Beyond the gut, the earthworm’s epidermal mucus and coelomic fluid act as a biochemical interface to the composting mass. This mucus contains carbohydrates, proteins, lipids and bioactive molecules including antimicrobial peptides, lysozymes and DNases that can damage bacterial cell membranes, generate reactive oxygen species and directly degrade resistance genes. Laboratory studies reported in the review show that coelomic fluid can cut multidrug-resistant Escherichia coli populations by several orders of magnitude within hours and remove more than 90 percent of extracellular resistance genes through DNA-cutting activity.

Mucus also alters microbial behavior by interfering with bacterial communication systems and gene expression. In a mechanistic study, exposure to earthworm coelom fluid led to thousands of bacterial genes being up- or down-regulated, disrupting the pathways that bacteria rely on for coordination and conjugation. Network analyzes show that after earthworm treatment, statistical associations between resistance genes and their bacterial hosts weaken, suggesting that vermicomposting ecologically decouples resistance traits from the microbes that carry them.

Increase performance with smart plugins

Performance is further improved when vermicomposting is combined with functional materials such as biochar, zeolite or clay minerals. These additives can adsorb antibiotics and heavy metals, reducing stress on earthworms and microbes, while stabilizing contaminants and reducing selective pressure favoring resistant bacteria. In tests summarized by the authors, combining earthworms with biochar or mineral amendments increased earthworm growth, accelerated organic matter degradation, improved wetting, and increased removal rates for both resistance genes and heavy metal resistance markers.

Together, earthworm activity, mucus-derived biochemistry, and custom additives create a multi-level containment system that works from molecules to entire ecosystems. The result is a stronger, more consistent reduction in antibiotic resistance genes than is typically achieved with conventional composting alone, while producing a high-quality organic fertilizer that can improve soil structure, water retention and plant nutrition.

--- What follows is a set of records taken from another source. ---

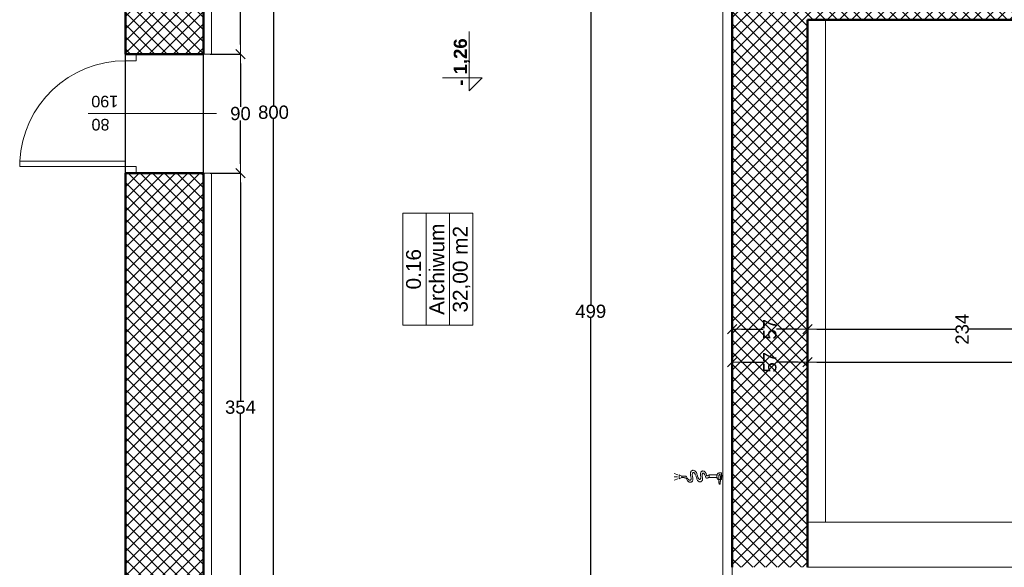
# Model space of a CAD drawing. Header units: millimetres. Extents: x 309006 to 595006, y -33000 to 67000.
# Tile 27 of 55: x 441522 to 448971, y 13562 to 17702. Entities that reach past the tile are written whole.
import ezdxf
from ezdxf.enums import TextEntityAlignment as Align

# ---------------------------------------------------------------- set-up
doc = ezdxf.new("R2010")
doc.units = ezdxf.units.MM
doc.header["$MEASUREMENT"] = 0
doc.linetypes.add('Przerywana 1_100', pattern=[100, 50, -50])
for name, color, linetype in [('Drzwi ArchiCAD', 7, 'Continuous'), ('Opisy', 7, 'Continuous'), ('Wymiary', 7, 'Continuous'), ('Ściany', 7, 'Continuous')]:
    doc.layers.add(name, color=color, linetype=linetype)
for name, color, linetype, lineweight in [('Drzwi ArchiCAD_Nr_pióra__21', 7, 'Continuous', 50), ('Drzwi ArchiCAD_Nr_pióra__3', 7, 'Continuous', 20), ('Drzwi ArchiCAD_Nr_pióra__4', 7, 'Continuous', 20), ('Metryczki pomieszczeń ArchiCADa_Nr_pióra__6', 7, 'Continuous', 13), ('Poziomy_Nr_pióra__6', 7, 'Continuous', 13), ('Znaczniki drzwi ArchiCADa_Nr_pióra__5', 7, 'Continuous', 5), ('Ściany_Nr_pióra__21', 7, 'Continuous', 50), ('Ściany_Nr_pióra__3', 7, 'Continuous', 20)]:
    doc.layers.add(name, color=color, linetype=linetype, lineweight=lineweight)
for name, color, linetype, lineweight, true_color in [('Drzwi ArchiCAD_Nr_pióra__82', 7, 'Continuous', 5, 0x4b4b4b), ('Wyposażenie_Nr_pióra__43', 7, 'Continuous', 5, 0x4b4b4b), ('Ściany_Nr_pióra__102', 7, 'Continuous', 5, 0x8c8c8c)]:
    doc.layers.add(name, color=color, linetype=linetype, lineweight=lineweight, true_color=true_color)
doc.styles.add('GENERATED_STYLE_1', font='arial.ttf')
doc.styles.add('GENERATED_STYLE_2', font='arial.ttf')
doc.dimstyles.new('GENERATED_STYLE__1', dxfattribs={"dimtxt": 100, "dimasz": 71.25, "dimexe": 0.18, "dimexo": 50, "dimgap": 0.09, "dimtad": 1, "dimdec": 0, "dimlfac": 0.1, "dimzin": 0, "dimdsep": 46, "dimtxsty": 'GENERATED_STYLE_1', "dimblk": 'ARROWHEAD_6', "dimblk1": 'ARROWHEAD_6', "dimblk2": 'ARROWHEAD_6', "dimcen": 0.09, "dimclrd": 7, "dimclre": 7, "dimclrt": 7, "dimazin": 0, "dimtfac": 1, "dimtdec": 4, "dimtmove": 0, "dimatfit": 3, "dimfxl": 1, "dimtolj": 1, "dimtzin": 0, "dimarcsym": 0})
doc.dimstyles.new('GENERATED_STYLE__2', dxfattribs={"dimtxt": 100, "dimasz": 71.25, "dimexe": 0.18, "dimexo": 50, "dimgap": 0.09, "dimtad": 1, "dimtih": 1, "dimtoh": 1, "dimdec": 0, "dimlfac": 0.1, "dimzin": 0, "dimdsep": 46, "dimtxsty": 'GENERATED_STYLE_1', "dimblk": 'ARROWHEAD_6', "dimblk1": 'ARROWHEAD_6', "dimblk2": 'ARROWHEAD_6', "dimcen": 0.09, "dimclrd": 7, "dimclre": 7, "dimclrt": 7, "dimazin": 0, "dimtfac": 1, "dimtdec": 4, "dimtmove": 0, "dimatfit": 3, "dimfxl": 1, "dimtolj": 1, "dimtzin": 0, "dimarcsym": 0})
pattern_1 = [(45, (0, 0), (-45.961939, 45.961939), []), (135, (0, 0), (45.961939, 45.961939), [])]

# ---------------------------------------------------------------- blocks, each defined once
blk = doc.blocks.new('Archiwum_0.16_52', base_point=(288252.3, 21024.6))
at = {"layer": 'Metryczki pomieszczeń ArchiCADa_Nr_pióra__6', "linetype": 'Continuous'}
for p, q in [((287829.4, 21289.8), (288675.2, 21289.8)), ((287829.4, 21113), (287829.4, 21289.8)), ((288675.2, 21289.8), (288675.2, 21113)), ((288675.2, 21113), (287829.4, 21113)), ((287829.4, 21113), (288675.2, 21113)), ((287829.4, 20936.2), (287829.4, 21113)), ((288675.2, 21113), (288675.2, 20936.2)), ((288675.2, 20936.2), (287829.4, 20936.2)), ((287829.4, 20936.2), (288675.2, 20936.2)), ((287829.4, 20759.4), (287829.4, 20936.2)), ((288675.2, 20936.2), (288675.2, 20759.4)), ((288675.2, 20759.4), (287829.4, 20759.4))]:
    blk.add_line(p, q, dxfattribs=at)
at = {"layer": 'Metryczki pomieszczeń ArchiCADa_Nr_pióra__6'}
for tag, style, p in [('ROOM_NUMBER', 'GENERATED_STYLE_2', (288252.3, 21264.1)), ('ROOM_NAME', 'GENERATED_STYLE_2', (288252.3, 21087.3)), ('ROOM_AREA', 'GENERATED_STYLE_1', (288252.3, 20910.5))]:
    blk.add_attdef(tag, text='', height=112.5, dxfattribs=dict(at, style=style)).set_placement(p, align=Align.TOP_CENTER)
blk = doc.blocks.new('Ściana_141', base_point=(290139, 18797.1))
at = {"layer": 'Ściany_Nr_pióra__102', "linetype": 'Continuous'}
h = blk.add_hatch(dxfattribs=at)
h.set_pattern_fill('Bloczki_betonowe', color=256, style=0, pattern_type=2)
h.set_pattern_definition(pattern_1)
h.paths.add_polyline_path([(290139, 18227.1), (290139, 15757.1), (290219, 15757.1), (290429, 15757.1), (290429, 18797.1)])
at = {"layer": 'Ściany_Nr_pióra__21', "linetype": 'Continuous', "flags": 128}
blk.add_lwpolyline([(290139, 18227.1), (290139, 15887.1)], dxfattribs=at)
blk = doc.blocks.new('D1 Drzwi proste 13_7')
at = {"layer": 'Drzwi ArchiCAD_Nr_pióra__21', "linetype": 'Continuous'}
for p, q in [((-450, 0), (-450, -80)), ((450, 0), (450, -80))]:
    blk.add_line(p, q, dxfattribs=at)
at = {"layer": 'Drzwi ArchiCAD_Nr_pióra__3', "linetype": 'Continuous'}
blk.add_arc((400, 0), 800, 92.86598, 180, dxfattribs=at)
at = {"layer": 'Drzwi ArchiCAD_Nr_pióra__4', "linetype": 'Continuous'}
for p, q in [((400, 800), (360, 800)), ((360, 800), (360, 0)), ((400, 0), (400, 800)), ((-400, 0), (-450, 0)), ((-450, 0), (-450, -80)), ((-400, -80), (-400, 0)), ((360, 0), (400, 0)), ((450, 0), (400, 0)), ((400, 0), (400, -80)), ((450, -80), (450, 0)), ((-450, -80), (-400, -80)), ((400, -80), (450, -80))]:
    blk.add_line(p, q, dxfattribs=at)
at = {"layer": 'Drzwi ArchiCAD_Nr_pióra__82', "linetype": 'Przerywana 1_100'}
for p, q in [((-450, 0), (450, 0)), ((-450, -590), (450, -590))]:
    blk.add_line(p, q, dxfattribs=at)
blk = doc.blocks.new('Znacznik O 13_11')
at = {"layer": 'Znaczniki drzwi ArchiCADa_Nr_pióra__5', "linetype": 'Continuous'}
blk.add_line((0, -871.25), (0, 100), dxfattribs=at)
at = {"layer": 'Znaczniki drzwi ArchiCADa_Nr_pióra__5', "style": 'GENERATED_STYLE_1'}
for tag, p in [('AC_MarkerText_3', (-161.25, -587.2295)), ('AC_MarkerText_2', (13.75, -653.6295))]:
    blk.add_attdef(tag, text='', height=87.5, rotation=270, dxfattribs=at).set_placement(p, align=Align.BOTTOM_LEFT)
blk = doc.blocks.new('Ściana_155', base_point=(293439, 22797.1))
at = {"layer": 'Ściany_Nr_pióra__102', "linetype": 'Continuous'}
h = blk.add_hatch(dxfattribs=at)
h.set_pattern_fill('Bloczki_betonowe', color=256, style=0, pattern_type=2)
h.set_pattern_definition(pattern_1)
h.paths.add_polyline_path([(288979, 23387.1), (285079, 23387.1), (285079, 22877.1), (285079, 22797.1), (288979, 22797.1), (288979, 23307.1)])
h = blk.add_hatch(dxfattribs=at)
h.set_pattern_fill('Bloczki_betonowe', color=256, style=0, pattern_type=2)
h.set_pattern_definition(pattern_1)
h.paths.add_polyline_path([(289879, 23307.1), (289879, 22797.1), (293439, 22797.1), (294019, 23387.1), (289879, 23387.1)])
at = {"layer": 'Ściany_Nr_pióra__21', "linetype": 'Continuous'}
for p, q in [((288979, 23387.1), (288979, 23307.1)), ((289879, 23387.1), (289879, 23307.1)), ((288979, 23307.1), (288979, 22797.1)), ((289879, 23307.1), (289879, 22797.1))]:
    blk.add_line(p, q, dxfattribs=at)
at = {"layer": 'Ściany_Nr_pióra__21', "linetype": 'Continuous', "flags": 128}
for points in [[(288979, 23387.1), (285079, 23387.1)], [(294019, 23387.1), (289879, 23387.1)], [(285439, 22797.1), (288979, 22797.1)], [(289879, 22797.1), (293439, 22797.1)]]:
    blk.add_lwpolyline(points, dxfattribs=at)
at = {"layer": 'Drzwi ArchiCAD', "color": 251, "linetype": 'Continuous', "lineweight": 20, "true_color": 0x6a6a6a, "xscale": -1, "zscale": 1000}
blk.add_blockref('D1 Drzwi proste 13_7', (289429, 23387.1), dxfattribs=at)
at = {"layer": 'Znaczniki drzwi ArchiCADa_Nr_pióra__5'}
ref = blk.add_blockref('Znacznik O 13_11', (289429, 22797.1), dxfattribs=dict(at, rotation=180))
ref.add_attrib('AC_MarkerText_2', '80', dxfattribs={"color": 7, "height": 87.5, "rotation": 90, "style": 'GENERATED_STYLE_1'}).set_placement((289415.3, 23507.9), align=Align.BOTTOM_LEFT)
ref.add_attrib('AC_MarkerText_3', '190', dxfattribs={"color": 7, "height": 87.5, "rotation": 90, "style": 'GENERATED_STYLE_1'}).set_placement((289590.3, 23441.5), align=Align.BOTTOM_LEFT)
blk = doc.blocks.new('Ściana_194', base_point=(285999, 18797.1))
at = {"layer": 'Ściany_Nr_pióra__102', "linetype": 'Continuous'}
h = blk.add_hatch(dxfattribs=at)
h.set_pattern_fill('Bloczki_betonowe', color=256, style=0, pattern_type=2)
h.set_pattern_definition(pattern_1)
h.paths.add_polyline_path([(285999, 18227.1), (290139, 18227.1), (290429, 18797.1), (285999, 18797.1)])
at = {"layer": 'Ściany_Nr_pióra__21', "linetype": 'Continuous', "flags": 128}
for points in [[(290429, 18797.1), (285999, 18797.1)], [(285999, 18227.1), (290139, 18227.1)]]:
    blk.add_lwpolyline(points, dxfattribs=at)
blk = doc.blocks.new('ARROWHEAD_6')
at = {"color": 0, "linetype": 'Continuous', "lineweight": 0}
for p, q in [((0, 0), (-1, 0)), ((-0.5, -0.5), (0.5, 0.5))]:
    blk.add_line(p, q, dxfattribs=at)
blk = doc.blocks.new('*D1335')
at = {"layer": 'Defpoints', "color": 0}
for p in [(444712, 21002.1), (442912, 20682.1), (442912, 15802.5)]:
    blk.add_point(p, dxfattribs=at)
at = {"layer": 'Wymiary', "color": 7, "linetype": 'Continuous', "lineweight": -2}
for p, q in [((444712, 20952.1), (444712, 20681.9)), ((442912, 15852.5), (442912, 20682.3)), ((442983.2, 20682.1), (443760.8, 20682.1)), ((444640.7, 20682.1), (443863.1, 20682.1))]:
    blk.add_line(p, q, dxfattribs=at)
at = {"layer": 'Wymiary', "color": 7, "lineweight": -2, "xscale": 71.25, "yscale": 71.25, "zscale": 71.25, "rotation": 180}
blk.add_blockref('ARROWHEAD_6', (442912, 20682.1), dxfattribs=at)
at = {"layer": 'Wymiary', "color": 7, "lineweight": -2, "xscale": 71.25, "yscale": 71.25, "zscale": 71.25}
blk.add_blockref('ARROWHEAD_6', (444712, 20682.1), dxfattribs=at)
at = {"layer": 'Wymiary', "color": 7, "lineweight": 5, "insert": (443812, 20682.1), "char_height": 100, "attachment_point": 5, "rotation": 90, "style": 'GENERATED_STYLE_1'}
blk.add_mtext('\\A1;180', dxfattribs=at)
blk = doc.blocks.new('*D1336')
at = {"layer": 'Defpoints', "color": 0}
for p in [(442322, 20682.1), (442322, 15802.5), (442912, 15802.5)]:
    blk.add_point(p, dxfattribs=at)
at = {"layer": 'Wymiary', "color": 7, "linetype": 'Continuous', "lineweight": -2}
for p, q in [((442322, 15852.5), (442322, 20682.3)), ((442393.2, 20682.1), (442565.8, 20682.1)), ((442840.7, 20682.1), (442668.1, 20682.1)), ((442912, 15852.5), (442912, 20682.3))]:
    blk.add_line(p, q, dxfattribs=at)
at = {"layer": 'Wymiary', "color": 7, "lineweight": -2, "xscale": 71.25, "yscale": 71.25, "zscale": 71.25, "rotation": 180}
blk.add_blockref('ARROWHEAD_6', (442322, 20682.1), dxfattribs=at)
at = {"layer": 'Wymiary', "color": 7, "lineweight": -2, "xscale": 71.25, "yscale": 71.25, "zscale": 71.25}
blk.add_blockref('ARROWHEAD_6', (442912, 20682.1), dxfattribs=at)
at = {"layer": 'Wymiary', "color": 7, "lineweight": 5, "insert": (442617, 20682.1), "char_height": 100, "attachment_point": 5, "rotation": 90, "style": 'GENERATED_STYLE_1'}
blk.add_mtext('\\A1;59', dxfattribs=at)
blk = doc.blocks.new('*D1347')
at = {"layer": 'Defpoints', "color": 0}
for p in [(446912, 19947.1), (442912, 19172.1), (442912, 15802.5)]:
    blk.add_point(p, dxfattribs=at)
at = {"layer": 'Wymiary', "color": 7, "linetype": 'Continuous', "lineweight": -2}
for p, q in [((446912, 19897.1), (446912, 19171.9)), ((442912, 15852.5), (442912, 19172.3)), ((442983.2, 19172.1), (444860.8, 19172.1)), ((446840.7, 19172.1), (444963.1, 19172.1))]:
    blk.add_line(p, q, dxfattribs=at)
at = {"layer": 'Wymiary', "color": 7, "lineweight": -2, "xscale": 71.25, "yscale": 71.25, "zscale": 71.25, "rotation": 180}
blk.add_blockref('ARROWHEAD_6', (442912, 19172.1), dxfattribs=at)
at = {"layer": 'Wymiary', "color": 7, "lineweight": -2, "xscale": 71.25, "yscale": 71.25, "zscale": 71.25}
blk.add_blockref('ARROWHEAD_6', (446912, 19172.1), dxfattribs=at)
at = {"layer": 'Wymiary', "color": 7, "lineweight": 5, "insert": (444912, 19172.1), "char_height": 100, "attachment_point": 5, "rotation": 90, "style": 'GENERATED_STYLE_1'}
blk.add_mtext('\\A1;400', dxfattribs=at)
blk = doc.blocks.new('*D1388')
at = {"layer": 'Defpoints', "color": 0}
for p in [(447482, 15632.1), (447482, 15112.1), (455482, 14997.1)]:
    blk.add_point(p, dxfattribs=at)
at = {"layer": 'Wymiary', "color": 7, "linetype": 'Continuous', "lineweight": -2}
for p, q in [((447482, 15582.1), (447482, 15111.9)), ((447553.2, 15112.1), (451430.8, 15112.1)), ((455410.7, 15112.1), (451533.1, 15112.1)), ((455482, 15047.1), (455482, 15112.3))]:
    blk.add_line(p, q, dxfattribs=at)
at = {"layer": 'Wymiary', "color": 7, "lineweight": -2, "xscale": 71.25, "yscale": 71.25, "zscale": 71.25}
for p, rotation in [((447482, 15112.1), 180), ((455482, 15112.1), 360)]:
    blk.add_blockref('ARROWHEAD_6', p, dxfattribs=dict(at, rotation=rotation))
at = {"layer": 'Wymiary', "color": 7, "lineweight": 5, "insert": (451482, 15112.1), "char_height": 100, "attachment_point": 5, "rotation": 90, "style": 'GENERATED_STYLE_1'}
blk.add_mtext('\\A1;800', dxfattribs=at)
blk = doc.blocks.new('*D1389')
at = {"layer": 'Defpoints', "color": 0}
for p in [(446912, 15632.1), (447482, 15632.1), (446912, 15112.1)]:
    blk.add_point(p, dxfattribs=at)
at = {"layer": 'Wymiary', "color": 7, "linetype": 'Continuous', "lineweight": -2}
for p, q in [((446912, 15582.1), (446912, 15111.9)), ((447482, 15582.1), (447482, 15111.9)), ((446983.2, 15112.1), (447146, 15112.1)), ((447410.7, 15112.1), (447247.9, 15112.1))]:
    blk.add_line(p, q, dxfattribs=at)
at = {"layer": 'Wymiary', "color": 7, "lineweight": -2, "xscale": 71.25, "yscale": 71.25, "zscale": 71.25, "rotation": 180}
blk.add_blockref('ARROWHEAD_6', (446912, 15112.1), dxfattribs=at)
at = {"layer": 'Wymiary', "color": 7, "lineweight": -2, "xscale": 71.25, "yscale": 71.25, "zscale": 71.25}
blk.add_blockref('ARROWHEAD_6', (447482, 15112.1), dxfattribs=at)
at = {"layer": 'Wymiary', "color": 7, "lineweight": 5, "insert": (447197, 15112.1), "char_height": 100, "attachment_point": 5, "rotation": 90, "style": 'GENERATED_STYLE_1'}
blk.add_mtext('\\A1;57', dxfattribs=at)
blk = doc.blocks.new('*D1402')
at = {"layer": 'Defpoints', "color": 0}
for p in [(442912, 16542.1), (443192, 16542.1), (444162, 13002.1)]:
    blk.add_point(p, dxfattribs=at)
at = {"layer": 'Wymiary', "color": 7, "linetype": 'Continuous', "lineweight": -2}
for p, q in [((442962, 16542.1), (443192.2, 16542.1)), ((443192, 16470.9), (443192, 14823.2)), ((443192, 13073.4), (443192, 14721)), ((444112, 13002.1), (443191.8, 13002.1))]:
    blk.add_line(p, q, dxfattribs=at)
at = {"layer": 'Wymiary', "color": 7, "lineweight": -2, "xscale": 71.25, "yscale": 71.25, "zscale": 71.25}
for p, rotation in [((443192, 16542.1), 90), ((443192, 13002.1), 270)]:
    blk.add_blockref('ARROWHEAD_6', p, dxfattribs=dict(at, rotation=rotation))
at = {"layer": 'Wymiary', "color": 7, "lineweight": 5, "insert": (443192, 14772.1), "char_height": 100, "attachment_point": 5, "style": 'GENERATED_STYLE_1'}
blk.add_mtext('\\A1;354', dxfattribs=at)
blk = doc.blocks.new('*D1403')
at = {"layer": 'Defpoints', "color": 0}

From promising lab results to reality

Despite these advantages, the authors caution that significant challenges remain before vermicomposting can be widely used as an antibiotic resistance control strategy. Different earthworm species vary in their tolerance to antibiotics and environmental conditions, and key operating parameters such as density, feedstock composition, temperature, and moisture must be fine-tuned for each type of agricultural waste. Large-scale systems must also address the climate sensitivity, reactor design, automation, and logistics of maintaining healthy earthworm populations on an industrial scale.

Another open question is the long-term fate of any resistance genes that remain in the vermicompost once it is applied to fields. The review calls for multi-year field studies and realistic risk assessments to understand whether residual genes can be reactivated under new stresses such as heavy metals or additional antibiotic use. The authors argue that future work should incorporate multi-ohmic tools, artificial intelligence models, and engineered treatment trains that combine thermal pretreatment, vermicomposting, and targeted polishing steps such as enzyme or phage applications.

“Antibiotic resistance is a complex system-wide problem, and no single technology will solve it,” notes Yang. “But by harnessing earthworms and modern biotechnology together, vermicomposting offers a practical path to making manure recycling safer for farmers, consumers and the environment.”